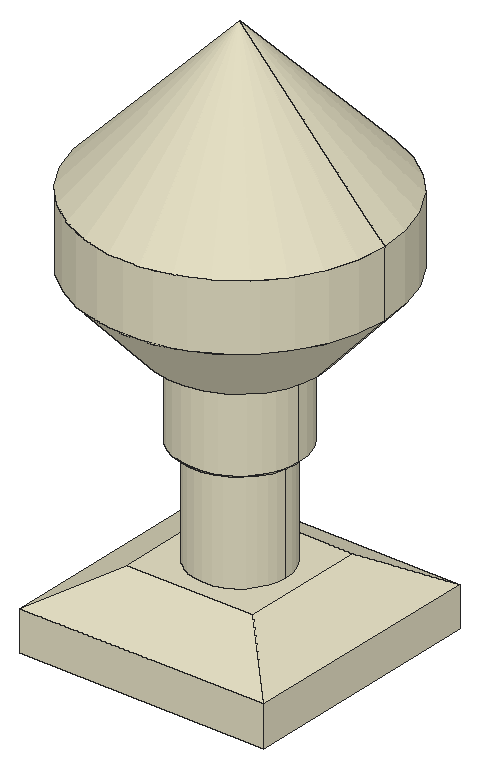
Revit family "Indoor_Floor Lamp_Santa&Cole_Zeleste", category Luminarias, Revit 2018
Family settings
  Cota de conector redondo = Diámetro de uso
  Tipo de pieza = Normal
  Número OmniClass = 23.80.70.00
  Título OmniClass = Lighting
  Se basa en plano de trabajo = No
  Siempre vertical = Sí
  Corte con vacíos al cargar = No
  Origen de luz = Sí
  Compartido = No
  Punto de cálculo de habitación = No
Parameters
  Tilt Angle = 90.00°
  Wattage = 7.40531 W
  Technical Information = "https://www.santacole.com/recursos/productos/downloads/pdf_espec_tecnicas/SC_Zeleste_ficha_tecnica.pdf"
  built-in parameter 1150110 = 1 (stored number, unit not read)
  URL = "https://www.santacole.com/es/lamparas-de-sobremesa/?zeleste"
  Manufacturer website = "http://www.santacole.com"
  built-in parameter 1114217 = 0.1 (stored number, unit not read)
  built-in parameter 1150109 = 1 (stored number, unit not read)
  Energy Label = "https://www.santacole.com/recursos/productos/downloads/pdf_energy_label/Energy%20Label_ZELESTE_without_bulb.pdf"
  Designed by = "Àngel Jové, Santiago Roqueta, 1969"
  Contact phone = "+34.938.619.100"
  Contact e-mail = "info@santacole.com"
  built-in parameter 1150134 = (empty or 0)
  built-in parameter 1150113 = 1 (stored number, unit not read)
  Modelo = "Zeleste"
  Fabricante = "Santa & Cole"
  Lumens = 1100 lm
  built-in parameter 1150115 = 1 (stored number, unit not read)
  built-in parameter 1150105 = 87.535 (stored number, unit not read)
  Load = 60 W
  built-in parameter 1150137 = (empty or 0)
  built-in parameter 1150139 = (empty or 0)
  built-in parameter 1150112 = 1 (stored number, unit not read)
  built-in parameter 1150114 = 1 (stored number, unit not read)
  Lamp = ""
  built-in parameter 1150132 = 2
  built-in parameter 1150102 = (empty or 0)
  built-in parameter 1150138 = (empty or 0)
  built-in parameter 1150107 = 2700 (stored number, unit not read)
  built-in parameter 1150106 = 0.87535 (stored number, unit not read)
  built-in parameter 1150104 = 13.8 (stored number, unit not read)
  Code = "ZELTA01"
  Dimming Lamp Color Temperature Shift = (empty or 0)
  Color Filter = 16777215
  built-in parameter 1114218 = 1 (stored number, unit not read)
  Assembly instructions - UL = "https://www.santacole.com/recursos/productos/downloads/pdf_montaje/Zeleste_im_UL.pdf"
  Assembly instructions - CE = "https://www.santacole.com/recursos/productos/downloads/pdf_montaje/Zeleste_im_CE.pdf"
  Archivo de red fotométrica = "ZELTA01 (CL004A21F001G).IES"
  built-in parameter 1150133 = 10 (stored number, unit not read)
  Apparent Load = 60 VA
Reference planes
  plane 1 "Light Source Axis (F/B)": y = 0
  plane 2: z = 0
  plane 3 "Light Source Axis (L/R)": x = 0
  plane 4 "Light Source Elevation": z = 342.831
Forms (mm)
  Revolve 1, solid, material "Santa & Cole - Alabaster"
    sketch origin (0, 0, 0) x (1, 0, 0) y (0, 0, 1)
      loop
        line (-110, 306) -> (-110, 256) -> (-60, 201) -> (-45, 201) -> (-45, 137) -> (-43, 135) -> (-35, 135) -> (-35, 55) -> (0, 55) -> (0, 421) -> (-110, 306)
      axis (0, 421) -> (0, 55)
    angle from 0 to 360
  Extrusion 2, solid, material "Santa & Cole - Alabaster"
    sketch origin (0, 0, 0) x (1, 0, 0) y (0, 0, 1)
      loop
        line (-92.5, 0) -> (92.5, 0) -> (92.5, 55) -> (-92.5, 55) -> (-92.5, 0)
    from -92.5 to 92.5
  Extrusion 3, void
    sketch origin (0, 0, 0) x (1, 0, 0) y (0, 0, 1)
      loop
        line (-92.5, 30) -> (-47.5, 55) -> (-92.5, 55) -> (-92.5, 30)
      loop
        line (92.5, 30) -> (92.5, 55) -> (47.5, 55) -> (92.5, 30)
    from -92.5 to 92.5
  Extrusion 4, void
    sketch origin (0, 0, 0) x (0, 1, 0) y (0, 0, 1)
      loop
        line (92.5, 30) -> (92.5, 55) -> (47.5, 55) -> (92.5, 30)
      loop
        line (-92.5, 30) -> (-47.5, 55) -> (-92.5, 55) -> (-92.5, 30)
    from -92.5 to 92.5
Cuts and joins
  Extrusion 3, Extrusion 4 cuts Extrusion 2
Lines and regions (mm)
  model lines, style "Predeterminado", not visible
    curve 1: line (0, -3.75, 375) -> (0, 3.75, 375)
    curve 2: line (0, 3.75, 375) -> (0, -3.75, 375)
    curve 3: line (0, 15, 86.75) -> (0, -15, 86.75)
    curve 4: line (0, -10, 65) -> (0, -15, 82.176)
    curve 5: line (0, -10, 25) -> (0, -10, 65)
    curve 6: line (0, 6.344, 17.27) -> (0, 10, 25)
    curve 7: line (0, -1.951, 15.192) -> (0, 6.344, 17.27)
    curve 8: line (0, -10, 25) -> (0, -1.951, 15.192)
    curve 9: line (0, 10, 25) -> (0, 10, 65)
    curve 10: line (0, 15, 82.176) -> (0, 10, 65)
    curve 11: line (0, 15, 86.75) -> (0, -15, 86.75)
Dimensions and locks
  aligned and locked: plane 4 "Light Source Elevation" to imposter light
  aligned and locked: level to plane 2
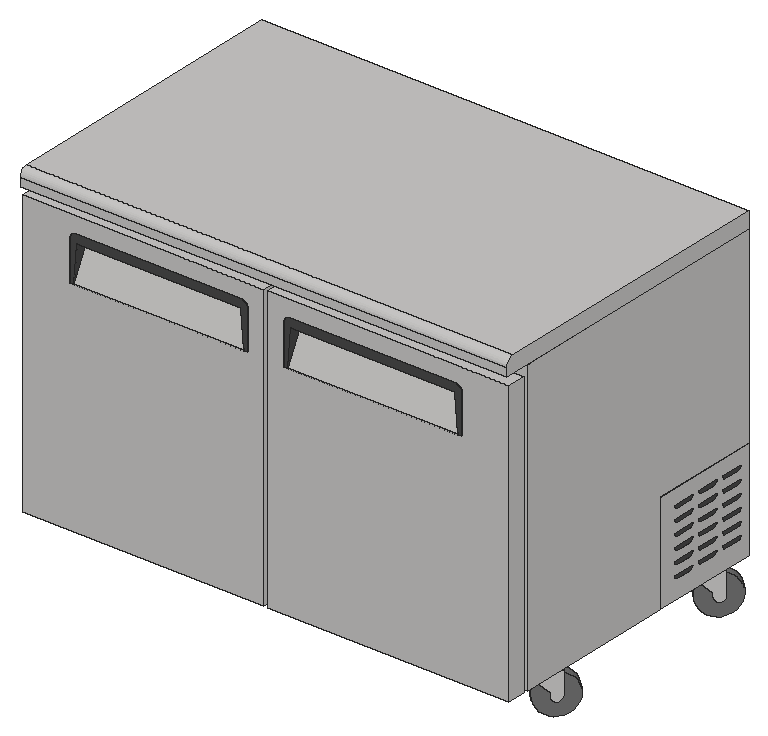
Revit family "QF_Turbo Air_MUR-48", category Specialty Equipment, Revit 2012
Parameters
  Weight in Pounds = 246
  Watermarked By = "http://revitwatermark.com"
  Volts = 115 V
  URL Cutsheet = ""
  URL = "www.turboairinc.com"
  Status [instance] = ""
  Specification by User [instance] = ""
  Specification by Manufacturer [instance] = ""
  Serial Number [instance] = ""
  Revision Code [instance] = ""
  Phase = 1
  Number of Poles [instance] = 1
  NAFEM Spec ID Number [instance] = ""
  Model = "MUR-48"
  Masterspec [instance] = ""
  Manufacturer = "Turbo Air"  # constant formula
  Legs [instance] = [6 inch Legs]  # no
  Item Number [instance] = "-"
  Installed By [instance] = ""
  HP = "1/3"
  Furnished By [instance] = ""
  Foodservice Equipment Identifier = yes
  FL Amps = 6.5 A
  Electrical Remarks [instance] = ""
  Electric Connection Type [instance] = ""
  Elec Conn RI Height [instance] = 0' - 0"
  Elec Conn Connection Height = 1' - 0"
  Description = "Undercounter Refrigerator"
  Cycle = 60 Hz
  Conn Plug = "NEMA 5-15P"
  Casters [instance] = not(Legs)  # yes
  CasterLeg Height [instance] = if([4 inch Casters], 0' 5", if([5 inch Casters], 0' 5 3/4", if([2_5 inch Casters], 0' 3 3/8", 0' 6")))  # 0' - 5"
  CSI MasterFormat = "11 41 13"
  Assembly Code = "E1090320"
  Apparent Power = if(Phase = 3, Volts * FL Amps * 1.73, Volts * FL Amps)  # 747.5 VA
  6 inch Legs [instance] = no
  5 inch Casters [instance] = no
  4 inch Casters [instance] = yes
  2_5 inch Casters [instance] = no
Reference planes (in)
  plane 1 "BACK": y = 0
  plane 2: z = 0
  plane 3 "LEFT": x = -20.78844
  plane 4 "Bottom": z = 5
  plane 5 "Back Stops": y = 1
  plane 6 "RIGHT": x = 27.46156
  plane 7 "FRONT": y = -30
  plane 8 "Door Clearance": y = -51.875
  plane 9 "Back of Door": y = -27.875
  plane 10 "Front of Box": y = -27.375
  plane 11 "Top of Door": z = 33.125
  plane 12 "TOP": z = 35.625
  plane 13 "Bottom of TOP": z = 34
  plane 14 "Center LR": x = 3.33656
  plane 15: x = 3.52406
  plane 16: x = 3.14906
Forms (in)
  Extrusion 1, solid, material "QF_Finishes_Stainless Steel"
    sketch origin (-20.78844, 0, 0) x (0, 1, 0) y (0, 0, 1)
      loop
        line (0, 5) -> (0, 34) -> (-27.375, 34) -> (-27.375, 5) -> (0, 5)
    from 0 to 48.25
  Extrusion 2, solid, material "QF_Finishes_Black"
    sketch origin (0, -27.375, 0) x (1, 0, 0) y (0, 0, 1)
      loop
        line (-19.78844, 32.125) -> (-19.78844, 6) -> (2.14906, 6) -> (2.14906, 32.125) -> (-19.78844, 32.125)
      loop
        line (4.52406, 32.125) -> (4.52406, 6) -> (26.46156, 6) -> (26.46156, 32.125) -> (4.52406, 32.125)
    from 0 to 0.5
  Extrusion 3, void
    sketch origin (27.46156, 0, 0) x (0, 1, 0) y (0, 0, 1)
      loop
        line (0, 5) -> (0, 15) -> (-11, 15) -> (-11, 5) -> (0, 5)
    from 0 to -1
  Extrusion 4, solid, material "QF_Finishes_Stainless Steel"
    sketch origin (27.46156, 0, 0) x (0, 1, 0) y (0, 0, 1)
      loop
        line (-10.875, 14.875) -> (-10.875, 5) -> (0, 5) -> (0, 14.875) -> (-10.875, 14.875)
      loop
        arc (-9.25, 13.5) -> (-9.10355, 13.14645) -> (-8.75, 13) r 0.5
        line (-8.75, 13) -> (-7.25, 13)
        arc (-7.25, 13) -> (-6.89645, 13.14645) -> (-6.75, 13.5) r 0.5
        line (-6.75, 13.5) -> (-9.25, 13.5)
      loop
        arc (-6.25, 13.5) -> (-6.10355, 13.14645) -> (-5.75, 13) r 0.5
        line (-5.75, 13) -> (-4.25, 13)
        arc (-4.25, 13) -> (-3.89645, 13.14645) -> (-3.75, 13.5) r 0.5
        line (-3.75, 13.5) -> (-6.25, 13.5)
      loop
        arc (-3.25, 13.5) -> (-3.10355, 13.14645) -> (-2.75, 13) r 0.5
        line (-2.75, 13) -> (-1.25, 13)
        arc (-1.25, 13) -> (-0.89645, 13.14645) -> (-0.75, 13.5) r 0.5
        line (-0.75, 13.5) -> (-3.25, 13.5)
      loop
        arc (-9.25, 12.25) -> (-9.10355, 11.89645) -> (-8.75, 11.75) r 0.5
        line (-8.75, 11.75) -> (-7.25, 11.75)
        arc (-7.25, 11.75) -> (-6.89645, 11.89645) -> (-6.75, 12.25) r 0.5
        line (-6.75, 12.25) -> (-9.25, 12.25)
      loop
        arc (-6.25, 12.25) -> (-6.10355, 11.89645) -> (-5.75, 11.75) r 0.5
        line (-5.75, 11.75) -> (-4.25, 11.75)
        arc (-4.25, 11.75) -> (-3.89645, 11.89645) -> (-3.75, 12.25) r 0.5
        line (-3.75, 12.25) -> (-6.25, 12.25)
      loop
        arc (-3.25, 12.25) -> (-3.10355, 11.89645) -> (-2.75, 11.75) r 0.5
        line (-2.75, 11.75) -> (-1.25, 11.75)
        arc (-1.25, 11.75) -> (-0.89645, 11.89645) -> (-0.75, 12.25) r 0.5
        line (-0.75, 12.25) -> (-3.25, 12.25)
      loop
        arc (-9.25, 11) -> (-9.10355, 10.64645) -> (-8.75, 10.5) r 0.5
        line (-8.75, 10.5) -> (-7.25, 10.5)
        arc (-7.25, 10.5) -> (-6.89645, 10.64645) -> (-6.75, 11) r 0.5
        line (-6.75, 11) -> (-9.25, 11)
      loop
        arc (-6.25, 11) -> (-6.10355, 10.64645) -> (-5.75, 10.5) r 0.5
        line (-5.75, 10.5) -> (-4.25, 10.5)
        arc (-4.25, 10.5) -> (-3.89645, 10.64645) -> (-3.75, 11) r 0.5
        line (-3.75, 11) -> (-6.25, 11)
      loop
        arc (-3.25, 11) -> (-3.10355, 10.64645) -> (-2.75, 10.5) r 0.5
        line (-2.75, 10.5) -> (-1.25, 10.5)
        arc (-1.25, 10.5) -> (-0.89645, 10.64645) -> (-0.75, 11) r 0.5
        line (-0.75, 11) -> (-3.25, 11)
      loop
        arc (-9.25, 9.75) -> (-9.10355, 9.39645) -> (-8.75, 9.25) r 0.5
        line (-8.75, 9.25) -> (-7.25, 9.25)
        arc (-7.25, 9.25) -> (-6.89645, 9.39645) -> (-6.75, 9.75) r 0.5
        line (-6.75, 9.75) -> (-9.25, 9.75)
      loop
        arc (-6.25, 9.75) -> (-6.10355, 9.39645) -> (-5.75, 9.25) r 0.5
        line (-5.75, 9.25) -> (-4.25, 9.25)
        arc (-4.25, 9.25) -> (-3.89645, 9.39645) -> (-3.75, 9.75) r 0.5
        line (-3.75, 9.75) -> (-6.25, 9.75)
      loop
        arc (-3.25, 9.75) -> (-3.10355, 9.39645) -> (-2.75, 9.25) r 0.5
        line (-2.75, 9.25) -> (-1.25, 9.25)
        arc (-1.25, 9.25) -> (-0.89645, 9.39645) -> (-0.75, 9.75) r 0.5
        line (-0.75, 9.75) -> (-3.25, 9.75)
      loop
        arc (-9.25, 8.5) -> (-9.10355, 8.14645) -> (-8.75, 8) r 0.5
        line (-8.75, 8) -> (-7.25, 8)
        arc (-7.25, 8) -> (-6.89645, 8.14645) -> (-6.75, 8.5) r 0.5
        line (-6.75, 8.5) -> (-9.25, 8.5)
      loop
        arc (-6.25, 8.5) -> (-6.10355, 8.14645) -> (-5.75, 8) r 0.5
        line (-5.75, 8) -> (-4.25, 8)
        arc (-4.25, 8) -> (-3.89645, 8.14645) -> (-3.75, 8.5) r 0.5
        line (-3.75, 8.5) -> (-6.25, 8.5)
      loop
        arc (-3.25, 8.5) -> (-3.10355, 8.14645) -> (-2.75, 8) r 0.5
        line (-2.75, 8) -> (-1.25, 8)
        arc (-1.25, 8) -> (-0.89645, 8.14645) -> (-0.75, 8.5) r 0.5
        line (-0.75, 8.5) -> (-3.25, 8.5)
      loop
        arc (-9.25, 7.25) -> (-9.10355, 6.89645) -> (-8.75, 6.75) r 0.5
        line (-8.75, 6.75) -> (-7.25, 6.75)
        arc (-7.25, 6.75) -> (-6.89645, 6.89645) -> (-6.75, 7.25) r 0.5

■ ■ ■ ■ ■

_EXERCISE REQUIREMENTS_
Print again, exactly, the lines of the records above from the first line through the line with "Compartido = No". No pictures.

_THE COMPLETED TASK_
Revit family "Indoor_Floor Lamp_Santa&Cole_Zeleste", category Luminarias, Revit 2018
Family settings
  Cota de conector redondo = Diámetro de uso
  Tipo de pieza = Normal
  Número OmniClass = 23.80.70.00
  Título OmniClass = Lighting
  Se basa en plano de trabajo = No
  Siempre vertical = Sí
  Corte con vacíos al cargar = No
  Origen de luz = Sí
  Compartido = No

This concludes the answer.